In living cells, protein complexes cooperate with each other to form functional modules – relatively autonomous ‘assembly lines’ arising from self assembly or positional assembly.
The emergence of the cell as a collection of protein machines has prompted attempts to create mathematical models able to mimic and predict cellular behavior. However, with a complex system such as the human cell, which involves ∼50,000-60 000 different proteins and an estimated 200,000 interactions, such an approach might be impractical. Instead, graph theory is used to construct networks in which the components are represented as nodes and their interactions
as connections between nodes. However, the large number of parameters in such networks poses a mathematical challenge and current efforts are concentrating on simplifications.
Nanoscopic protein machines form extended networks. Protein–protein interactions in yeast, measured by the two-hybrid technique, are displayed by a diagram in which nodes and lines represent proteins and their interactions, respectively.

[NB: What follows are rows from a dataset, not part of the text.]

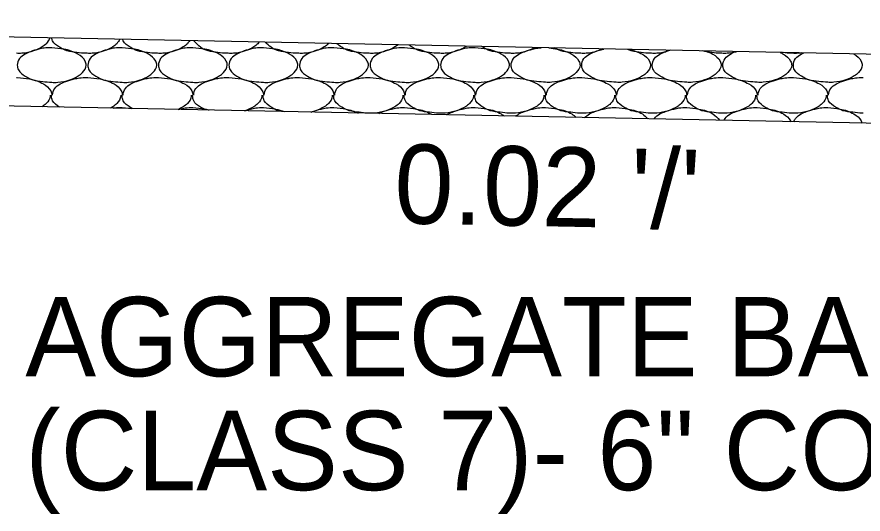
# Model space of a CAD drawing. Extents: x 1364961 to 1365294, y 367927 to 368034.
# Drawn here: x 1365039.35 to 1365045.49, y 367994.83 to 367998.44 of the extents above; entities that cross this region are included whole.
import ezdxf

# ---------------------------------------------------------------- set-up
doc = ezdxf.new("R2010")
doc.units = 0
doc.layers.add('Default', color=7, linetype='Continuous')

msp = doc.modelspace()

# ---------------------------------------------------------------- linework, layer by layer
at = {"layer": 'Default'}
for p, q in [((1365055.9752, 367997.9597), (1365031.9883, 367998.4397)), ((1365039.3502, 367997.9997), (1365039.3562, 367997.9997)), ((1365039.8622, 367997.9997), (1365039.8682, 367997.9997)), ((1365040.3742, 367997.9997), (1365040.3802, 367997.9997)), ((1365040.8862, 367997.9997), (1365040.8922, 367997.9997)), ((1365041.3982, 367997.9997), (1365041.4042, 367997.9997)), ((1365041.9102, 367997.9997), (1365041.9162, 367997.9997)), ((1365042.4222, 367997.9997), (1365042.4282, 367997.9997)), ((1365042.9342, 367997.9997), (1365042.9402, 367997.9997)), ((1365043.4462, 367997.9997), (1365043.4522, 367997.9997)), ((1365043.9582, 367997.9997), (1365043.9642, 367997.9997)), ((1365044.4702, 367997.9997), (1365044.4762, 367997.9997)), ((1365044.9822, 367997.9997), (1365044.9882, 367997.9997)), ((1365055.9752, 367997.4597), (1365031.9783, 367997.9397)), ((1365040.1182, 367997.7817), (1365040.1862, 367997.7757))]:
    msp.add_line(p, q, dxfattribs=at)
for points in [[(1365039.5922, 367998.2877), (1365039.5662, 367998.2457), (1365039.5362, 367998.2217), (1365039.4742, 367998.1937), (1365039.3882, 367998.1757), (1365039.3502, 367998.1757)], [(1365039.8622, 367998.1757), (1365039.8542, 367998.1757), (1365039.7882, 367998.1817), (1365039.7162, 367998.1937), (1365039.6622, 367998.2197), (1365039.6122, 367998.2657), (1365039.6052, 367998.2877)], [(1365040.1002, 367998.2777), (1365040.0782, 367998.2457), (1365040.0482, 367998.2217), (1365039.9862, 367998.1937), (1365039.9002, 367998.1757), (1365039.8622, 367998.1757)], [(1365040.3742, 367998.1757), (1365040.3662, 367998.1757), (1365040.3002, 367998.1817), (1365040.2282, 367998.1937), (1365040.1742, 367998.2197), (1365040.1242, 367998.2657), (1365040.1192, 367998.2767)], [(1365040.6072, 367998.2677), (1365040.5902, 367998.2457), (1365040.5602, 367998.2217), (1365040.4982, 367998.1937), (1365040.4122, 367998.1757), (1365040.3742, 367998.1757)], [(1365040.8862, 367998.1757), (1365040.8782, 367998.1757), (1365040.8122, 367998.1817), (1365040.7402, 367998.1937), (1365040.6862, 367998.2197), (1365040.6362, 367998.2657), (1365040.6352, 367998.2667)], [(1365041.1122, 367998.2567), (1365041.1022, 367998.2457), (1365041.0722, 367998.2217), (1365041.0102, 367998.1937), (1365040.9242, 367998.1757), (1365040.8862, 367998.1757)], [(1365041.3982, 367998.1757), (1365041.3902, 367998.1757), (1365041.3242, 367998.1817), (1365041.2522, 367998.1937), (1365041.1982, 367998.2197), (1365041.1542, 367998.2567)], [(1365041.6152, 367998.2467), (1365041.6142, 367998.2457), (1365041.5842, 367998.2217), (1365041.5222, 367998.1937), (1365041.4362, 367998.1757), (1365041.3982, 367998.1757)], [(1365041.9102, 367998.1757), (1365041.9022, 367998.1757), (1365041.8362, 367998.1817), (1365041.7642, 367998.1937), (1365041.7102, 367998.2197), (1365041.6752, 367998.2457)], [(1365042.1172, 367998.2367), (1365042.0962, 367998.2217), (1365042.0342, 367998.1937), (1365041.9482, 367998.1757), (1365041.9102, 367998.1757)], [(1365039.6062, 367998.2157), (1365039.6942, 367998.2057), (1365039.7962, 367998.1697), (1365039.8482, 367998.1197), (1365039.8562, 367998.0897), (1365039.8282, 367998.0357), (1365039.7982, 367998.0117), (1365039.7362, 367997.9837), (1365039.6502, 367997.9657), (1365039.6062, 367997.9657), (1365039.5402, 367997.9717), (1365039.4682, 367997.9837), (1365039.4142, 367998.0097), (1365039.3642, 367998.0557), (1365039.3562, 367998.0897), (1365039.3722, 367998.1377), (1365039.4122, 367998.1697), (1365039.4522, 367998.1877), (1365039.5122, 367998.2057), (1365039.5502, 367998.2137), (1365039.6062, 367998.2157)], [(1365040.1182, 367998.2157), (1365040.2062, 367998.2057), (1365040.3082, 367998.1697), (1365040.3602, 367998.1197), (1365040.3682, 367998.0897), (1365040.3402, 367998.0357), (1365040.3102, 367998.0117), (1365040.2482, 367997.9837), (1365040.1622, 367997.9657), (1365040.1182, 367997.9657), (1365040.0522, 367997.9717), (1365039.9802, 367997.9837), (1365039.9262, 367998.0097), (1365039.8762, 367998.0557), (1365039.8682, 367998.0897), (1365039.8842, 367998.1377), (1365039.9242, 367998.1697), (1365039.9642, 367998.1877), (1365040.0242, 367998.2057), (1365040.0622, 367998.2137), (1365040.1182, 367998.2157)], [(1365040.6302, 367998.2157), (1365040.7182, 367998.2057), (1365040.8202, 367998.1697), (1365040.8722, 367998.1197), (1365040.8802, 367998.0897), (1365040.8522, 367998.0357), (1365040.8222, 367998.0117), (1365040.7602, 367997.9837), (1365040.6742, 367997.9657), (1365040.6302, 367997.9657), (1365040.5642, 367997.9717), (1365040.4922, 367997.9837), (1365040.4382, 367998.0097), (1365040.3882, 367998.0557), (1365040.3802, 367998.0897), (1365040.3962, 367998.1377), (1365040.4362, 367998.1697), (1365040.4762, 367998.1877), (1365040.5362, 367998.2057), (1365040.5742, 367998.2137), (1365040.6302, 367998.2157)], [(1365041.1422, 367998.2157), (1365041.2302, 367998.2057), (1365041.3322, 367998.1697), (1365041.3842, 367998.1197), (1365041.3922, 367998.0897), (1365041.3642, 367998.0357), (1365041.3342, 367998.0117), (1365041.2722, 367997.9837), (1365041.1862, 367997.9657), (1365041.1422, 367997.9657), (1365041.0762, 367997.9717), (1365041.0042, 367997.9837), (1365040.9502, 367998.0097), (1365040.9002, 367998.0557), (1365040.8922, 367998.0897), (1365040.9082, 367998.1377), (1365040.9482, 367998.1697), (1365040.9882, 367998.1877), (1365041.0482, 367998.2057), (1365041.0862, 367998.2137), (1365041.1422, 367998.2157)], [(1365041.6542, 367998.2157), (1365041.7422, 367998.2057), (1365041.8442, 367998.1697), (1365041.8962, 367998.1197), (1365041.9042, 367998.0897), (1365041.8762, 367998.0357), (1365041.8462, 367998.0117), (1365041.7842, 367997.9837), (1365041.6982, 367997.9657), (1365041.6542, 367997.9657), (1365041.5882, 367997.9717), (1365041.5162, 367997.9837), (1365041.4622, 367998.0097), (1365041.4122, 367998.0557), (1365041.4042, 367998.0897), (1365041.4202, 367998.1377), (1365041.4602, 367998.1697), (1365041.5002, 367998.1877), (1365041.5602, 367998.2057), (1365041.5982, 367998.2137), (1365041.6542, 367998.2157)], [(1365042.1662, 367998.2157), (1365042.2542, 367998.2057), (1365042.3562, 367998.1697), (1365042.4082, 367998.1197), (1365042.4162, 367998.0897), (1365042.3882, 367998.0357), (1365042.3582, 367998.0117), (1365042.2962, 367997.9837), (1365042.2102, 367997.9657), (1365042.1662, 367997.9657), (1365042.1002, 367997.9717), (1365042.0282, 367997.9837), (1365041.9742, 367998.0097), (1365041.9242, 367998.0557), (1365041.9162, 367998.0897), (1365041.9322, 367998.1377), (1365041.9722, 367998.1697), (1365042.0122, 367998.1877), (1365042.0722, 367998.2057), (1365042.1102, 367998.2137), (1365042.1662, 367998.2157)], [(1365042.4222, 367998.1757), (1365042.4142, 367998.1757), (1365042.3482, 367998.1817), (1365042.2762, 367998.1937), (1365042.2222, 367998.2197), (1365042.1992, 367998.2357)], [(1365042.6172, 367998.2267), (1365042.6082, 367998.2217), (1365042.5462, 367998.1937), (1365042.4602, 367998.1757), (1365042.4222, 367998.1757)], [(1365042.6782, 367998.2157), (1365042.7662, 367998.2057), (1365042.8682, 367998.1697), (1365042.9202, 367998.1197), (1365042.9282, 367998.0897), (1365042.9002, 367998.0357), (1365042.8702, 367998.0117), (1365042.8082, 367997.9837), (1365042.7222, 367997.9657), (1365042.6782, 367997.9657), (1365042.6122, 367997.9717), (1365042.5402, 367997.9837), (1365042.4862, 367998.0097), (1365042.4362, 367998.0557), (1365042.4282, 367998.0897), (1365042.4442, 367998.1377), (1365042.4842, 367998.1697), (1365042.5242, 367998.1877), (1365042.5842, 367998.2057), (1365042.6222, 367998.2137), (1365042.6782, 367998.2157)], [(1365042.9342, 367998.1757), (1365042.9262, 367998.1757), (1365042.8602, 367998.1817), (1365042.7882, 367998.1937), (1365042.7342, 367998.2197), (1365042.7262, 367998.2247)], [(1365043.1122, 367998.2167), (1365043.0582, 367998.1937), (1365042.9722, 367998.1757), (1365042.9342, 367998.1757)], [(1365043.2132, 367998.2147), (1365043.2782, 367998.2057), (1365043.3802, 367998.1697), (1365043.4322, 367998.1197), (1365043.4402, 367998.0897), (1365043.4122, 367998.0357), (1365043.3822, 367998.0117), (1365043.3202, 367997.9837), (1365043.2342, 367997.9657), (1365043.1902, 367997.9657), (1365043.1242, 367997.9717), (1365043.0522, 367997.9837), (1365042.9982, 367998.0097), (1365042.9482, 367998.0557), (1365042.9402, 367998.0897), (1365042.9562, 367998.1377), (1365042.9962, 367998.1697), (1365043.0362, 367998.1877), (1365043.0962, 367998.2057), (1365043.1342, 367998.2137), (1365043.1582, 367998.2157)], [(1365043.4462, 367998.1757), (1365043.4382, 367998.1757), (1365043.3722, 367998.1817), (1365043.3002, 367998.1937), (1365043.2552, 367998.2147)], [(1365043.6042, 367998.2077), (1365043.5702, 367998.1937), (1365043.4842, 367998.1757), (1365043.4462, 367998.1757)], [(1365043.8012, 367998.2037), (1365043.8922, 367998.1697), (1365043.9442, 367998.1197), (1365043.9522, 367998.0897), (1365043.9242, 367998.0357), (1365043.8942, 367998.0117), (1365043.8322, 367997.9837), (1365043.7462, 367997.9657), (1365043.7022, 367997.9657), (1365043.6362, 367997.9717), (1365043.5642, 367997.9837), (1365043.5102, 367998.0097), (1365043.4602, 367998.0557), (1365043.4522, 367998.0897), (1365043.4682, 367998.1377), (1365043.5082, 367998.1697), (1365043.5482, 367998.1877), (1365043.6082, 367998.2057), (1365043.6132, 367998.2067)], [(1365043.9582, 367998.1757), (1365043.9502, 367998.1757), (1365043.8842, 367998.1817), (1365043.8122, 367998.1937), (1365043.7862, 367998.2037)], [(1365044.0932, 367998.1977), (1365044.0822, 367998.1937), (1365043.9962, 367998.1757), (1365043.9582, 367998.1757)], [(1365044.3522, 367998.1927), (1365044.4042, 367998.1697), (1365044.4562, 367998.1197), (1365044.4642, 367998.0897), (1365044.4362, 367998.0357), (1365044.4062, 367998.0117), (1365044.3442, 367997.9837), (1365044.2582, 367997.9657), (1365044.2142, 367997.9657), (1365044.1482, 367997.9717), (1365044.0762, 367997.9837), (1365044.0222, 367998.0097), (1365043.9722, 367998.0557), (1365043.9642, 367998.0897), (1365043.9802, 367998.1377), (1365044.0202, 367998.1697), (1365044.0602, 367998.1877), (1365044.0912, 367998.1977)], [(1365044.4702, 367998.1757), (1365044.4622, 367998.1757), (1365044.3962, 367998.1817), (1365044.3282, 367998.1927)], [(1365044.5752, 367998.1877), (1365044.5082, 367998.1757), (1365044.4702, 367998.1757)], [(1365044.8922, 367998.1817), (1365044.9162, 367998.1697), (1365044.9682, 367998.1197), (1365044.9762, 367998.0897), (1365044.9482, 367998.0357), (1365044.9182, 367998.0117), (1365044.8562, 367997.9837), (1365044.7702, 367997.9657), (1365044.7262, 367997.9657), (1365044.6602, 367997.9717), (1365044.5882, 367997.9837), (1365044.5342, 367998.0097), (1365044.4842, 367998.0557), (1365044.4762, 367998.0897), (1365044.4922, 367998.1377), (1365044.5322, 367998.1697), (1365044.5722, 367998.1877), (1365044.5732, 367998.1877)], [(1365044.9822, 367998.1757), (1365044.9742, 367998.1757), (1365044.9142, 367998.1807)], [(1365045.0462, 367998.1787), (1365045.0202, 367998.1757), (1365044.9822, 367998.1757)], [(1365045.4262, 367998.1707), (1365045.4282, 367998.1697), (1365045.4802, 367998.1197), (1365045.4882, 367998.0897), (1365045.4602, 367998.0357), (1365045.4302, 367998.0117), (1365045.3682, 367997.9837), (1365045.2822, 367997.9657), (1365045.2382, 367997.9657), (1365045.1722, 367997.9717), (1365045.1002, 367997.9837), (1365045.0462, 367998.0097), (1365044.9962, 367998.0557), (1365044.9882, 367998.0897), (1365045.0042, 367998.1377), (1365045.0442, 367998.1697), (1365045.0612, 367998.1777)], [(1365039.3562, 367997.9997), (1365039.4442, 367997.9897), (1365039.5462, 367997.9537), (1365039.5982, 367997.9037), (1365039.6062, 367997.8737), (1365039.6062, 367997.8717)], [(1365039.6122, 367997.8717), (1365039.6122, 367997.8737), (1365039.6282, 367997.9217), (1365039.6682, 367997.9537), (1365039.7082, 367997.9717), (1365039.7682, 367997.9897), (1365039.8062, 367997.9977), (1365039.8622, 367997.9997)], [(1365039.8682, 367997.9997), (1365039.9562, 367997.9897), (1365040.0582, 367997.9537), (1365040.1102, 367997.9037), (1365040.1182, 367997.8737), (1365040.1182, 367997.8717)], [(1365040.1242, 367997.8717), (1365040.1242, 367997.8737), (1365040.1402, 367997.9217), (1365040.1802, 367997.9537), (1365040.2202, 367997.9717), (1365040.2802, 367997.9897), (1365040.3182, 367997.9977), (1365040.3742, 367997.9997)], [(1365040.3802, 367997.9997), (1365040.4682, 367997.9897), (1365040.5702, 367997.9537), (1365040.6222, 367997.9037), (1365040.6302, 367997.8737), (1365040.6302, 367997.8717)], [(1365040.6362, 367997.8717), (1365040.6362, 367997.8737), (1365040.6522, 367997.9217), (1365040.6922, 367997.9537), (1365040.7322, 367997.9717), (1365040.7922, 367997.9897), (1365040.8302, 367997.9977), (1365040.8862, 367997.9997)], [(1365040.8922, 367997.9997), (1365040.9802, 367997.9897), (1365041.0822, 367997.9537), (1365041.1342, 367997.9037), (1365041.1422, 367997.8737), (1365041.1422, 367997.8717)], [(1365041.1482, 367997.8717), (1365041.1482, 367997.8737), (1365041.1642, 367997.9217), (1365041.2042, 367997.9537), (1365041.2442, 367997.9717), (1365041.3042, 367997.9897), (1365041.3422, 367997.9977), (1365041.3982, 367997.9997)], [(1365041.4042, 367997.9997), (1365041.4922, 367997.9897), (1365041.5942, 367997.9537), (1365041.6462, 367997.9037), (1365041.6542, 367997.8737), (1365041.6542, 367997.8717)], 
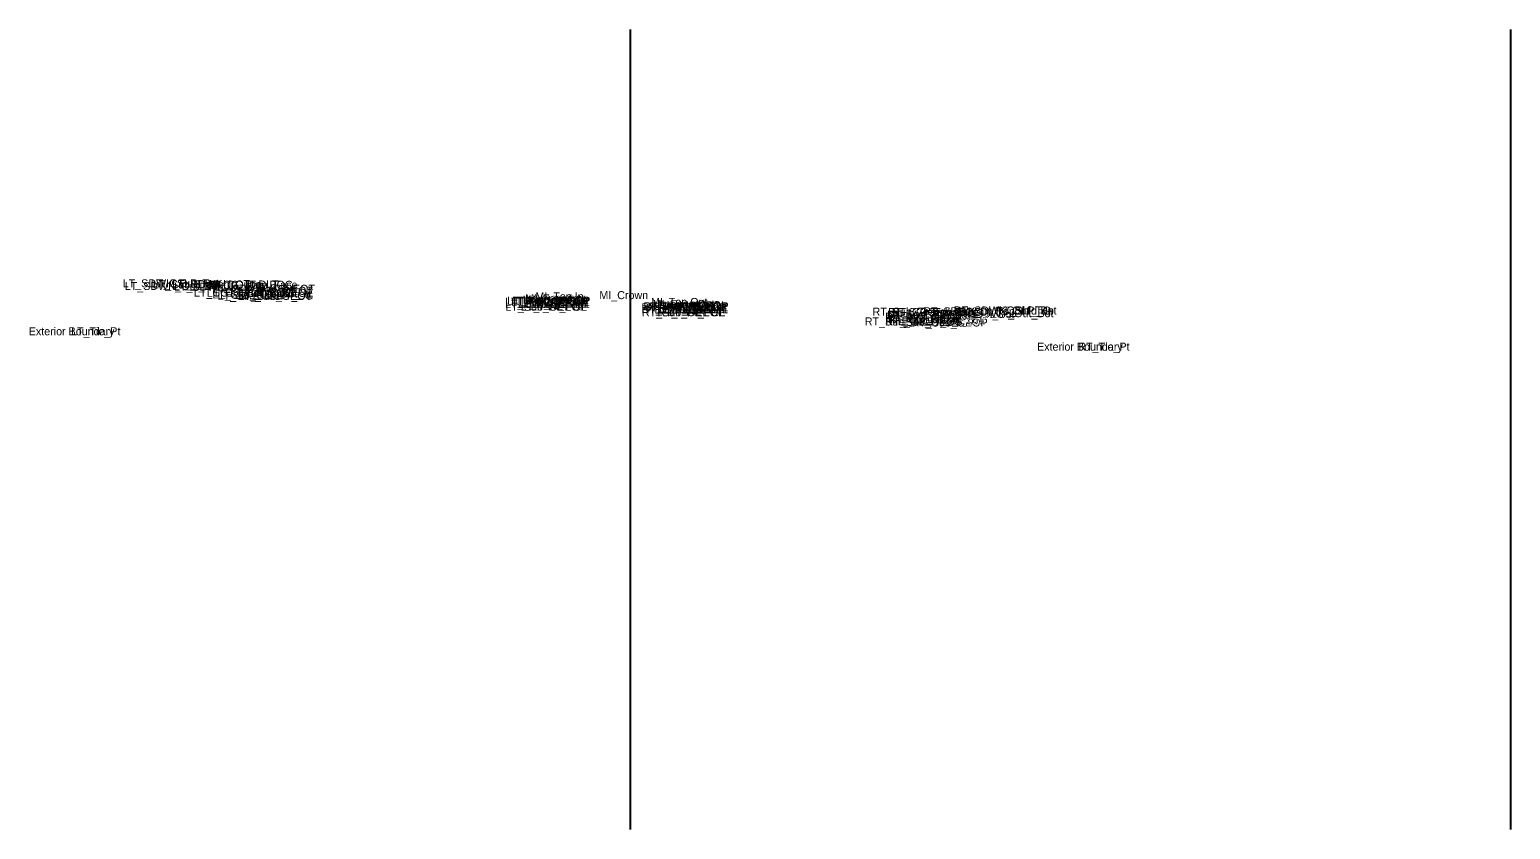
# Model space of a CAD drawing. Extents: x 0 to 6300, y -50 to 9550.
# Drawn here: x 1074.9 to 1260, y 7450 to 7550 of the extents above; entities that cross this region are included whole.
import ezdxf

# ---------------------------------------------------------------- set-up
doc = ezdxf.new("R2010")
doc.units = 0
for name, color, linetype in [('Default', 7, 'Continuous'), ('Prop XS Exc Vertical Line 2', 7, 'Continuous'), ('Prop XS Exc Vertical Line 3', 7, 'Continuous')]:
    doc.layers.add(name, color=color, linetype=linetype)

msp = doc.modelspace()

# ---------------------------------------------------------------- linework, layer by layer
at = {"layer": 'Prop XS Exc Vertical Line 2'}
msp.add_line((1150, 7550), (1150, 7450), dxfattribs=at)
at = {"layer": 'Prop XS Exc Vertical Line 3'}
msp.add_line((1260, 7550), (1260, 7450), dxfattribs=at)

# ---------------------------------------------------------------- texts
at = {"layer": 'Default'}
for s, p in [('LT_SDWK_Out_Top', (1086.58, 7517.78)), ('LT_SDWK_Out_Bot', (1086.83, 7517.44)), ('LT_CSLP_Pnt', (1090.1, 7517.78)), ('LT_Sub_Trench_Out_DLT', (1090.32, 7517.63)), ('LT_SDWK_In_Top', (1092.74, 7517.68)), ('LT_SDWK_In_Bot', (1092.99, 7517.34)), ('LT_CG1_Shelf_Out', (1095.48, 7516.62)), ('LT_CG_Top_BOC', (1096.81, 7517.59)), ('LT_CG_Bot_BOC', (1097.09, 7516.6)), ('LT_CG_Top_Face', (1097.34, 7517.59)), ('LT_Sub_OEOP', (1097.79, 7516.38)), ('LT_CG_Top_Gut', (1097.87, 7517.09)), ('LT_Sub_OEOT_CG', (1098.44, 7516.25)), ('LT_PV2_OEOT', (1100.99, 7516.84)), ('LT_PV3_OEOT', (1100.99, 7516.59)), ('LT_Sub_OEOT', (1101.04, 7516.21)), ('LT_PV1_OEOT', (1101.23, 7517.09)), ('LT_CG_Bot_IE', (1101.34, 7516.5)), ('MI_Top In', (1138.16, 7516.14)), ('MI_Crown', (1146.15, 7516.3)), ('LT_PV2_OEEOP', (1134.36, 7515.47)), ('LT_PV3_OEEOP', (1134.36, 7515.22)), ('LT_Sub_OEEOP', (1134.41, 7514.85)), ('LT_PV1_OEEOP', (1134.6, 7515.6)), ('LT_PV2_IEEOP', (1135.12, 7515.47)), ('LT_PV1_IEEOP', (1135.36, 7515.6)), ('LT_PV2_PGL1', (1135.96, 7515.47)), ('LT_PV3_PGL1', (1135.96, 7515.22)), ('LT_PV2_PGL', (1136.34, 7515.47)), ('LT_PV4_PGL', (1136.34, 7514.85)), ('LT_PV1_PGL', (1136.58, 7515.72)), ('MI_Face In', (1136.88, 7515.89)), ('MI_Bot In', (1138.05, 7515.72)), ('RT_PV2_OEEOP', (1151.42, 7514.79)), ('RT_PV3_OEEOP', (1151.42, 7514.54)), ('RT_Sub_OEEOP', (1151.46, 7514.16)), ('RT_PV1_OEEOP', (1151.66, 7514.91)), ('RT_PV2_IEEOP', (1152.18, 7514.79)), ('RT_PV1_IEEOP', (1152.42, 7514.91)), ('MI_Top Out', (1152.6, 7515.45)), ('MI_Face Out', (1152.81, 7515.2)), ('RT_PV2_PGL1', (1153.02, 7514.79)), ('RT_PV3_PGL1', (1153.02, 7514.54)), ('RT_PV2_PGL', (1153.4, 7514.79)), ('RT_PV4_PGL', (1153.4, 7514.16)), ('RT_PV1_PGL', (1153.63, 7515.04)), ('MI_Bot Out', (1154, 7515.04)), ('RT_Sub_Trench_Out_DLT', (1180.29, 7514.23)), ('RT_CG_Top_Face', (1182.22, 7514.19)), ('RT_CG_Top_BOC', (1182.69, 7514.19)), ('RT_SDWK_In_Top', (1186.62, 7514.28)), ('RT_SDWK_Out_Top', (1190.46, 7514.38)), ('RT_Shld_O', (1195.63, 7514.37)), ('CSLP_Pnt', (1197.04, 7514.38)), ('RT_Sub_OEOT_CG', (1179.32, 7513.01)), ('RT_PV2_OEOT', (1181.87, 7513.6)), ('RT_PV3_OEOT', (1181.87, 7513.35)), ('RT_Sub_OEOT', (1181.92, 7512.97)), ('RT_PV1_OEOT', (1182.11, 7513.85)), ('RT_CG_Bot_IE', (1182.22, 7513.26)), ('RT_CG1_Shelf_Out', (1182.36, 7513.14)), ('RT_CG_Top_Gut', (1182.75, 7513.69)), ('RT_CG_Bot_BOC', (1182.97, 7513.16)), ('RT_Sub_OEOP', (1185.17, 7512.88)), ('RT_SDWK_In_Bot', (1186.87, 7513.94)), ('RT_SDWK_Out_Bot', (1190.71, 7514.04)), ('Exterior Boundary', (1074.84, 7511.78)), ('LT_Tie_Pt', (1080.12, 7511.78)), ('Exterior Boundary', (1200.85, 7509.86)), ('RT_Tie_Pt', (1206.01, 7509.86))]:
    msp.add_text(s, height=1, dxfattribs=at).set_placement(p)

doc.saveas('drawing.dxf')

The diagram reveals that interactions are extensive and follow a hierarchical, nonrandom pattern. (Reprinted with permission from Wiley-VCH Verlag GmbH & Co KG. Original copyright Macmillan Magazines Ltd.)
Live Cell Imaging
The nanoscopic range first became accessible for fluorescence microscopy by single-molecule techniques (SFM - single-molecule fluorescence microscopy). Although single molecules are not resolved by these techniques, in living cells, localization accuracies of 20–30 nm have been obtained at a time resolution of a few milliseconds. A unprecedented increase in resolution, eventually breaking classical limits, was recently achieved by 4Pi microscopy and stimulated emission depletion (STED) microscopy.
In 4Pi microscopy, an object is positioned between two opposing objectives; the object is illuminated through these objectives by laser beams focused down to the diffraction limit. Fluorescence emitted from the focal spot is collected by both objectives and directed onto a sensitive photodetector. Images are obtained by scanning the object relative to the beam and by reconstructing an image from the point measurements. So far, a resolution of 30 nm has been obtained by combining STED with 4Pi microscopy.
Modification (Therapy) of NPM
Nanoscopic medicine is an emerging discipline that needs massive development before it can be incorporated into medical practice. Most of the fields involved are in an early state. A number of techniques for the quantitative analysis of molecular processes in microscopic systems have already been established. However, techniques such as fluorescence microphotolysis (fluorescence photobleaching), fluorescence correlation spectroscopy, and fluorescence resonance energy microscopy have yet to be adapted to the nanometer scale. Similarly, techniques for the photochemical and photomechanical manipulation of microscopic systems are available, but have yet to be adapted to the nanoscale.